[Record excerpts]
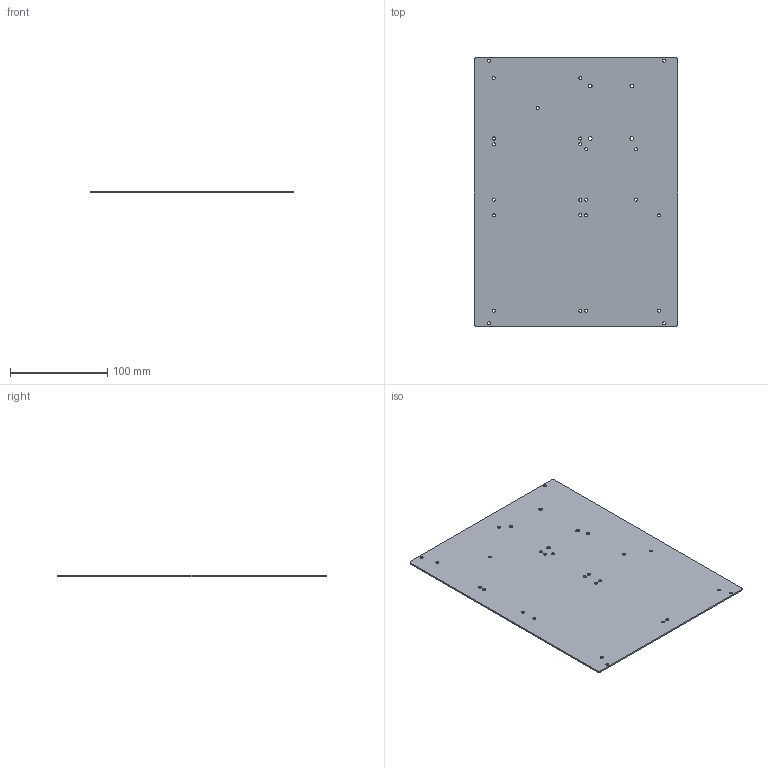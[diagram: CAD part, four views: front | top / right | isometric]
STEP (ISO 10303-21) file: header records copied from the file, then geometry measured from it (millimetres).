
FILE_DESCRIPTION(('FreeCAD Model'),'2;1');
FILE_NAME('Open CASCADE Shape Model','2021-12-18T23:54:18',('Author'),( ''),'Open CASCADE STEP processor 7.4','FreeCAD','Unknown');
FILE_SCHEMA(('AUTOMOTIVE_DESIGN { 1 0 10303 214 1 1 1 1 }'));
Length unit declared in the file: millimetre
Products named in the file (1): Fillet004
Bounding box: 209 x 276 x 1.5 mm (x, y, z)
Volume: 86143.9 mm3; surface area: 116760.7 mm2
Topology: 1 solids, 1 shells, 39 faces, 111 edges, 74 vertices
Faces by surface type: cylinder 33, plane 6
Full cylindrical faces by diameter (mm): 3.2 x25, 4 x4
Entity records: 2904 total; most frequent: DIRECTION 475, CARTESIAN_POINT 471, ORIENTED_EDGE 222, PCURVE 222, DEFINITIONAL_REPRESENTATION 222, LINE 201, VECTOR 201, CIRCLE 128

[Task to complete] Retype every entry exactly as written, but omit the pictures.

[Answer to this task]
[diagram: CAD part, four views: front | top / right | isometric]
STEP (ISO 10303-21) file: header records copied from the file, then geometry measured from it (millimetres).
FILE_DESCRIPTION(('FreeCAD Model'),'2;1');
FILE_NAME('Open CASCADE Shape Model','2021-12-18T23:54:18',('Author'),( ''),'Open CASCADE STEP processor 7.4','FreeCAD','Unknown');
FILE_SCHEMA(('AUTOMOTIVE_DESIGN { 1 0 10303 214 1 1 1 1 }'));
Length unit declared in the file: millimetre
Products named in the file (1): Fillet004
Bounding box: 209 x 276 x 1.5 mm (x, y, z)
Volume: 86143.9 mm3; surface area: 116760.7 mm2
Topology: 1 solids, 1 shells, 39 faces, 111 edges, 74 vertices
Faces by surface type: cylinder 33, plane 6
Full cylindrical faces by diameter (mm): 3.2 x25, 4 x4
Entity records: 2904 total; most frequent: DIRECTION 475, CARTESIAN_POINT 471, ORIENTED_EDGE 222, PCURVE 222, DEFINITIONAL_REPRESENTATION 222, LINE 201, VECTOR 201, CIRCLE 128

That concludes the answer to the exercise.